*Work required*:
Whenever the word "setdefault" turns up in a line below, that line should be copied.

[Collected data]
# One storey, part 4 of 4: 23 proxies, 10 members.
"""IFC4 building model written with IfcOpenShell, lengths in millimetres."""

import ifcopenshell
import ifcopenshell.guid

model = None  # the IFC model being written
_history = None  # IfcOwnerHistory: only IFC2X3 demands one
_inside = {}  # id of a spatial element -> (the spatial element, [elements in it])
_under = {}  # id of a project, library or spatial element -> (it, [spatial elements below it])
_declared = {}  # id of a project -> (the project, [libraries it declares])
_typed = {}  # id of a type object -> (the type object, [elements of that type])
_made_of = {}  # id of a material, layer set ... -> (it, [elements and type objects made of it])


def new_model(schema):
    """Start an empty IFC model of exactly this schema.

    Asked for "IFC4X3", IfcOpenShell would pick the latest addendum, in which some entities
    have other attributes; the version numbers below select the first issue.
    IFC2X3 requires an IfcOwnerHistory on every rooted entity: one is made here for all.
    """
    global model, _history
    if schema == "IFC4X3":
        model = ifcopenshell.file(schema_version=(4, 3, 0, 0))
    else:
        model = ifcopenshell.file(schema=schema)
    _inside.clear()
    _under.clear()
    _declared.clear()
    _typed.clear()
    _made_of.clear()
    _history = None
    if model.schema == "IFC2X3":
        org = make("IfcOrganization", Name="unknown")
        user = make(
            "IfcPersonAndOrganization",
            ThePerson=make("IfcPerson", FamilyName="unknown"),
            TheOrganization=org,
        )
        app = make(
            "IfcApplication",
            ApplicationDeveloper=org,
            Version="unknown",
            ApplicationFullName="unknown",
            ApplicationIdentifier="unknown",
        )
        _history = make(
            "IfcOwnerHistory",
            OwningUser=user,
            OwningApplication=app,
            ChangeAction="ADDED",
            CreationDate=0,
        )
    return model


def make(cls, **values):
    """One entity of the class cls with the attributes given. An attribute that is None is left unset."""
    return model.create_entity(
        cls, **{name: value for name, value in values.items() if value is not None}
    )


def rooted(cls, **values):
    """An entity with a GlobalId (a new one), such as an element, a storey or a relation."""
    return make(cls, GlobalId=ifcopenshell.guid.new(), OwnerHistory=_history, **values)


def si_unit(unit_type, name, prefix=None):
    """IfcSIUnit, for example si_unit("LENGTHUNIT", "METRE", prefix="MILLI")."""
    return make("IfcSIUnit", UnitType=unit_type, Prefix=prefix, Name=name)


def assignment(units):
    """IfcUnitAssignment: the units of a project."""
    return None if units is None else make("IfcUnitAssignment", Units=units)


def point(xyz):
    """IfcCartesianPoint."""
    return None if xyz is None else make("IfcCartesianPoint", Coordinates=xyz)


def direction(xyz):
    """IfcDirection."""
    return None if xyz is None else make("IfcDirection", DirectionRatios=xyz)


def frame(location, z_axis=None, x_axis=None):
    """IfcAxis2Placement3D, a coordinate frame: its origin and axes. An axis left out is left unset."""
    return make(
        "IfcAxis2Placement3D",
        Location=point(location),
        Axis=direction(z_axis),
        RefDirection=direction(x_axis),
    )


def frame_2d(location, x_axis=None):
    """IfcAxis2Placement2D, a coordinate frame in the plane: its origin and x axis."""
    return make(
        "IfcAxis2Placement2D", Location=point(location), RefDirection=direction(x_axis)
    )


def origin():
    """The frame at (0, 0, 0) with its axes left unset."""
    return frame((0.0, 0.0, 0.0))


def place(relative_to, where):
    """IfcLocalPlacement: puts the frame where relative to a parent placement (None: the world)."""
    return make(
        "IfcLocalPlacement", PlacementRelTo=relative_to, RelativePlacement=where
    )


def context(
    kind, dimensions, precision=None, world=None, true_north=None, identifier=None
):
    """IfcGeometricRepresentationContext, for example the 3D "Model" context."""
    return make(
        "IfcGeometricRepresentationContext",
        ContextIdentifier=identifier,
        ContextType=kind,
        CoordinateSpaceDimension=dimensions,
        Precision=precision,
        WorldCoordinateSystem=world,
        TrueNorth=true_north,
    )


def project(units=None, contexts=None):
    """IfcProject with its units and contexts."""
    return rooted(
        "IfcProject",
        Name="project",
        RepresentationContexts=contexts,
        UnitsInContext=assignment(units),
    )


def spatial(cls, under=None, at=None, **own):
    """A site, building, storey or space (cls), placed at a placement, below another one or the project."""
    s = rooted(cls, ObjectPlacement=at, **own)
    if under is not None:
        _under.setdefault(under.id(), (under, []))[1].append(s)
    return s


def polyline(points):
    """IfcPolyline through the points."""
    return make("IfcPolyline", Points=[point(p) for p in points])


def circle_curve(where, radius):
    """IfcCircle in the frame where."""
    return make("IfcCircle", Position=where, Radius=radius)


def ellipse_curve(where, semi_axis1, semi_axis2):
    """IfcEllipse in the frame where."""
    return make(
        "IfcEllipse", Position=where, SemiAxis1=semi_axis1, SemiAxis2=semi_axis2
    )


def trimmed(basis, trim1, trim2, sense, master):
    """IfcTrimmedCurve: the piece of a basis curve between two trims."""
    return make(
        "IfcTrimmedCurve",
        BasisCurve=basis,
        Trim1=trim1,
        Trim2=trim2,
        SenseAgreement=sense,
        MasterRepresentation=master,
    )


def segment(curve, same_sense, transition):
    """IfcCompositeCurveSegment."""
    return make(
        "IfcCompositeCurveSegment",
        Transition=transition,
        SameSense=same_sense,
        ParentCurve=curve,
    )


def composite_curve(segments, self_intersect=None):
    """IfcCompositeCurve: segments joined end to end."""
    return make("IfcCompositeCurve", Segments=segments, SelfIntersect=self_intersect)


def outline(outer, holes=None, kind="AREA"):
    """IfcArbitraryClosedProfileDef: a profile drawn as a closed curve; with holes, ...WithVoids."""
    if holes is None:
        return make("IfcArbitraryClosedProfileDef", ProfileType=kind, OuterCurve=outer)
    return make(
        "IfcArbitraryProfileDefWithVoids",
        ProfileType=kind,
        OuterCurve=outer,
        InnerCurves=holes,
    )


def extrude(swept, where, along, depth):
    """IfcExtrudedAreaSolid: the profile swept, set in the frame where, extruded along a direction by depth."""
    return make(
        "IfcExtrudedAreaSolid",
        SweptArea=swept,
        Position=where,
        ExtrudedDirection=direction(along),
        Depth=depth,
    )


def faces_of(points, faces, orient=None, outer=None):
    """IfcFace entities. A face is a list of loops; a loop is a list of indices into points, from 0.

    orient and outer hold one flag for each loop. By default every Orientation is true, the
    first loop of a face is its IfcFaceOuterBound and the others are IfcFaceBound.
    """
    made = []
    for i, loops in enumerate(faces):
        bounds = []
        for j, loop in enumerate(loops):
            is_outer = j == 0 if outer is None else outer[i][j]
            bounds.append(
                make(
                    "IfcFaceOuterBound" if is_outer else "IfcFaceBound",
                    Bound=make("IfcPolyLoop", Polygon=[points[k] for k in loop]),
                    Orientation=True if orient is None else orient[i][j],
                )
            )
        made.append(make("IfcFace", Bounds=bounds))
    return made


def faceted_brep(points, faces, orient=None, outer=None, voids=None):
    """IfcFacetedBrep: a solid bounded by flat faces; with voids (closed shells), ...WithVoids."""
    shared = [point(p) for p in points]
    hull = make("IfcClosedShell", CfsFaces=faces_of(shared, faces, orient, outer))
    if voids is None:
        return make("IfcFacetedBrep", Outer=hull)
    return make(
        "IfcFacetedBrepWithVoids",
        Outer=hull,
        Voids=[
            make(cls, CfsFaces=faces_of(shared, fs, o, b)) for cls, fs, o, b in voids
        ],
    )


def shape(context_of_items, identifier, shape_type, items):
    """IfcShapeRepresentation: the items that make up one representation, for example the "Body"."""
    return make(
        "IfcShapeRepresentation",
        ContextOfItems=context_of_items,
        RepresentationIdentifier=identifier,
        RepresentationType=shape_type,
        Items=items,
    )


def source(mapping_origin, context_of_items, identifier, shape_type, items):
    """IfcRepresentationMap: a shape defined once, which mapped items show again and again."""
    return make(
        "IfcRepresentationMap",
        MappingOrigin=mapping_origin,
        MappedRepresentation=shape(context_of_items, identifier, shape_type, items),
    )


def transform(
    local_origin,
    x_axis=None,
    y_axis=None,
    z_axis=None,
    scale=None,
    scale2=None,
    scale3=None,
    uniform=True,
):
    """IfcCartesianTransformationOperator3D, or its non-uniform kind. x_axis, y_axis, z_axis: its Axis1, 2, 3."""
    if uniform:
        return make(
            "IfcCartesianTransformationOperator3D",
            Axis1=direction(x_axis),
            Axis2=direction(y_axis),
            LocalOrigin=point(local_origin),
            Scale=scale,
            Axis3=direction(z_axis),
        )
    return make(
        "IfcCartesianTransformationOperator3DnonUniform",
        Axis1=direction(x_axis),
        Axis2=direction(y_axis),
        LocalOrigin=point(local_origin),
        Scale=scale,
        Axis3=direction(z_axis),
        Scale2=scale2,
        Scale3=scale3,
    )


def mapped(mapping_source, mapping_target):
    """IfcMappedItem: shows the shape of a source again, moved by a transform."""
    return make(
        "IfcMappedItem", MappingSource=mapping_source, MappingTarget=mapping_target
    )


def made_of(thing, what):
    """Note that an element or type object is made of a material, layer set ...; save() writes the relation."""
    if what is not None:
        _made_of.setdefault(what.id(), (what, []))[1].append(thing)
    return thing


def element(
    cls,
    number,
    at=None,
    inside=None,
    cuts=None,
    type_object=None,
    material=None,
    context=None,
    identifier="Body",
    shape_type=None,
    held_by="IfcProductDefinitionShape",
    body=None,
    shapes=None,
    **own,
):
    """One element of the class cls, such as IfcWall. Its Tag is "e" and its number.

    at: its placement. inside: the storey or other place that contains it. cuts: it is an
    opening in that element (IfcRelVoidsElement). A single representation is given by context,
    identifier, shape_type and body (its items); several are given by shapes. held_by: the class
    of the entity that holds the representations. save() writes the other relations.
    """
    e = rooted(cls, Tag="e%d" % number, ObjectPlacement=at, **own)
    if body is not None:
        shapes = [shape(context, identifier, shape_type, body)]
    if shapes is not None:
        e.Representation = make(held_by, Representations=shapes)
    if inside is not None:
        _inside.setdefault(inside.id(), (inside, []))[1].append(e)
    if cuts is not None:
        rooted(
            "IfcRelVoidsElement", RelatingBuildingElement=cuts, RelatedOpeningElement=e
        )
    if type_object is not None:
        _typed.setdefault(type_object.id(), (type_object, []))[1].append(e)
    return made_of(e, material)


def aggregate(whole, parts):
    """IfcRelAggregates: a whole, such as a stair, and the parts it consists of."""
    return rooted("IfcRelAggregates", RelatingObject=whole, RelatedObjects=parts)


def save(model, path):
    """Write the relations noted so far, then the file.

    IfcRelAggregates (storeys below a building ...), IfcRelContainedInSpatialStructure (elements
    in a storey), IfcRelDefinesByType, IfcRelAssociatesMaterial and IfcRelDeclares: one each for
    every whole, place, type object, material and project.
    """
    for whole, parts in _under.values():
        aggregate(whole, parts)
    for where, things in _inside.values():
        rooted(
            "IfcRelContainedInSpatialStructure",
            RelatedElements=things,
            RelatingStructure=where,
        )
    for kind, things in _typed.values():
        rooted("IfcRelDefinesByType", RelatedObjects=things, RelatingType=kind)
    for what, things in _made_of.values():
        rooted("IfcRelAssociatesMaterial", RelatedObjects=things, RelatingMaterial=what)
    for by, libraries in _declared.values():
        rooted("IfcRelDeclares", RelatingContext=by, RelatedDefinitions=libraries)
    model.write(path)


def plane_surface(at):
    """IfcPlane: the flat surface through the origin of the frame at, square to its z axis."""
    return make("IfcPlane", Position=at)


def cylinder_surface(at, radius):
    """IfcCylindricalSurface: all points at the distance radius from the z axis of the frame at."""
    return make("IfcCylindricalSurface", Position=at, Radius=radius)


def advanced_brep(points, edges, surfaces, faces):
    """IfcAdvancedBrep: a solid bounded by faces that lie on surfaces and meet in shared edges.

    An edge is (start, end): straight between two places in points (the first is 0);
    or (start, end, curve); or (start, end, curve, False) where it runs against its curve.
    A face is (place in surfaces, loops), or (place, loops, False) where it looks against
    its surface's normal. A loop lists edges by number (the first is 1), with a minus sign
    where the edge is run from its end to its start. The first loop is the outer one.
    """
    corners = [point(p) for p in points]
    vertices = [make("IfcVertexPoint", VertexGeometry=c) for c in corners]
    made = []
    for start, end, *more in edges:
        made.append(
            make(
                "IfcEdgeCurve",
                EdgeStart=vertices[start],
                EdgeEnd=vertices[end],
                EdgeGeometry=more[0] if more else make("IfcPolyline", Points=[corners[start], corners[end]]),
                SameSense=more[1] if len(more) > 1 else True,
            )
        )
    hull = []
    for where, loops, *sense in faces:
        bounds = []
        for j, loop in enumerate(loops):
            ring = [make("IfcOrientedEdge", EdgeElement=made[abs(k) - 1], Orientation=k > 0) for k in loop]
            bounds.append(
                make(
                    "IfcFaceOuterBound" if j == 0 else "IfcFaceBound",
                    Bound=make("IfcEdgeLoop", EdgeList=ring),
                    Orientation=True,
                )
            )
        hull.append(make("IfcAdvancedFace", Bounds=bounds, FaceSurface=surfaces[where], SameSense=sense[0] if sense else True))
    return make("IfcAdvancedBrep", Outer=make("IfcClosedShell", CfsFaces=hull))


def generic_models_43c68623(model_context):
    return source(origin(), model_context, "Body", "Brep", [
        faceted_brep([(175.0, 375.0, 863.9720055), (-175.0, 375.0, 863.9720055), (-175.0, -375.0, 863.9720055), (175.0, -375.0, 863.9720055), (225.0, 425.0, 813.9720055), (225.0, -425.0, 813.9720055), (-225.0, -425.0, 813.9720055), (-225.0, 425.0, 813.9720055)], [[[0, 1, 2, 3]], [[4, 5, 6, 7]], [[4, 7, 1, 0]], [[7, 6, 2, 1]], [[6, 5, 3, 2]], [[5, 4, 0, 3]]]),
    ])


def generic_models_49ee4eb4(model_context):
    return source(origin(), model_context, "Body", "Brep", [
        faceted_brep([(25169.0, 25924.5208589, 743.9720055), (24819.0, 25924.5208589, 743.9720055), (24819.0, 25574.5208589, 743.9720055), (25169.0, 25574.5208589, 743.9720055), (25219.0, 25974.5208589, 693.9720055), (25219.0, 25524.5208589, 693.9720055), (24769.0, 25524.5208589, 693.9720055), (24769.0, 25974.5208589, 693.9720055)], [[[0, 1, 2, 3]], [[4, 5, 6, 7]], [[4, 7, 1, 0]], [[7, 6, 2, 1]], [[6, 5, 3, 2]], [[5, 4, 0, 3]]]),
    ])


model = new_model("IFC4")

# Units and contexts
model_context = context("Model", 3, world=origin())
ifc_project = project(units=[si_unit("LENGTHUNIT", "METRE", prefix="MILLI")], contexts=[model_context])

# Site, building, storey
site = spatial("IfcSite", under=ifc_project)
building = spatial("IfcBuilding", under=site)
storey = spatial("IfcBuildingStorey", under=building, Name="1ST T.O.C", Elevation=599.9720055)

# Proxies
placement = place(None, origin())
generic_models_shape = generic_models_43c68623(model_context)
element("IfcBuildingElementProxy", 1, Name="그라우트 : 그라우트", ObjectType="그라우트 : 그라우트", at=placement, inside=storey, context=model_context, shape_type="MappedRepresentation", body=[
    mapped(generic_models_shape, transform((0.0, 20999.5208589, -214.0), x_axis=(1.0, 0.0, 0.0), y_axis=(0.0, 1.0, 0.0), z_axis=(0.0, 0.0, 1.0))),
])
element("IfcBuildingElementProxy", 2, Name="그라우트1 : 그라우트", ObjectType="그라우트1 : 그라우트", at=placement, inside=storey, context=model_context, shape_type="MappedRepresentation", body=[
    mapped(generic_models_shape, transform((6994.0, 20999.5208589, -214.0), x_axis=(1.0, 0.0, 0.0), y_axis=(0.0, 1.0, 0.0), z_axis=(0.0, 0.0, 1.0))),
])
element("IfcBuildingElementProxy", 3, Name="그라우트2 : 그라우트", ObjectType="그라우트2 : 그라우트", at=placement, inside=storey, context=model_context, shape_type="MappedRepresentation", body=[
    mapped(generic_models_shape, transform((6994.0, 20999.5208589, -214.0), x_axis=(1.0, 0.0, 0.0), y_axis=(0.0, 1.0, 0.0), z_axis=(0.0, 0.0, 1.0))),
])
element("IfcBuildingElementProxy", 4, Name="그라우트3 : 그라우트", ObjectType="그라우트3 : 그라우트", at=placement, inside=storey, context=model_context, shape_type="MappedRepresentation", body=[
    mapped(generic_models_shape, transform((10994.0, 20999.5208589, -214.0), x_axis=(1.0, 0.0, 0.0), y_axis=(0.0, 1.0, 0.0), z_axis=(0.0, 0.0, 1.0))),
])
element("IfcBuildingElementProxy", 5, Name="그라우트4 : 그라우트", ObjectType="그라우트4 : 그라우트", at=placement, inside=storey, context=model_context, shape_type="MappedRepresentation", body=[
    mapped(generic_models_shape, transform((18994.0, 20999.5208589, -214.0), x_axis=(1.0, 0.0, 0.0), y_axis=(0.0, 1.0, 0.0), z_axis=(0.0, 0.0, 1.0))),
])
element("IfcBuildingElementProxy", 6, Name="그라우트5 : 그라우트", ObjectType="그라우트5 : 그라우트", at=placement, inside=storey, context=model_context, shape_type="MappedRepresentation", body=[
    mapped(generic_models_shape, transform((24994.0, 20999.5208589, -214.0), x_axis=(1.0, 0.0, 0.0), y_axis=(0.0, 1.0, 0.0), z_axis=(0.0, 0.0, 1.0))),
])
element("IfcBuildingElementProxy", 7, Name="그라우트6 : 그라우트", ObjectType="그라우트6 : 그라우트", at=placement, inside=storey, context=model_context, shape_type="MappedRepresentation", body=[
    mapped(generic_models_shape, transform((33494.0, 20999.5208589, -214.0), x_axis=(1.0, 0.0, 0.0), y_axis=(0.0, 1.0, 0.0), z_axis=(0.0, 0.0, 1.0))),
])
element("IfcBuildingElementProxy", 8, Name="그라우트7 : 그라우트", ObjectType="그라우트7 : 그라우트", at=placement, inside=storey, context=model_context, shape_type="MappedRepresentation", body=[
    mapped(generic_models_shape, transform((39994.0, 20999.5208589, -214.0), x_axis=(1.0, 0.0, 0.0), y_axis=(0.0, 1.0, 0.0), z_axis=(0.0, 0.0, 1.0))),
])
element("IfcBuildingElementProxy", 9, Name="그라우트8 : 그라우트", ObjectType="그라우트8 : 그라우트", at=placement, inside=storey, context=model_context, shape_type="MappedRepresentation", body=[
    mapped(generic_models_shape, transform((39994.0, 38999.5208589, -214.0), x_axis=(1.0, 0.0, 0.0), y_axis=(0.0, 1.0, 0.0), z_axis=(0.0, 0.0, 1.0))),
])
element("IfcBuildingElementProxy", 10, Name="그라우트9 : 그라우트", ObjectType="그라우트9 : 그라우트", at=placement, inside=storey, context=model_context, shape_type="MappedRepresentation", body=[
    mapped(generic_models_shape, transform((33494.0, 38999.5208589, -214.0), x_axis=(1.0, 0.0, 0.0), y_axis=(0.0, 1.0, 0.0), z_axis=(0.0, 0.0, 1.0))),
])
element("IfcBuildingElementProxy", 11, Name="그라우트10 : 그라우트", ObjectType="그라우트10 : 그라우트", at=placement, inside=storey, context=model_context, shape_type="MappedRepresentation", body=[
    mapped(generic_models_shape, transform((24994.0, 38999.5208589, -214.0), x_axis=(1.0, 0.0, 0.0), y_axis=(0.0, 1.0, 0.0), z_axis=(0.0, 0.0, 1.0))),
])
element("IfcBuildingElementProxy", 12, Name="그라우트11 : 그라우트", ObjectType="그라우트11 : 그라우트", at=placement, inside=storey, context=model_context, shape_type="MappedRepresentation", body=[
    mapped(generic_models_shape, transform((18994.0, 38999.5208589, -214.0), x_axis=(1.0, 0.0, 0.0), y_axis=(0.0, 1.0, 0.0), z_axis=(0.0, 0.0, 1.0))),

*Written answer*:
        _under.setdefault(under.id(), (under, []))[1].append(s)
        _made_of.setdefault(what.id(), (what, []))[1].append(thing)
        _inside.setdefault(inside.id(), (inside, []))[1].append(e)
        _typed.setdefault(type_object.id(), (type_object, []))[1].append(e)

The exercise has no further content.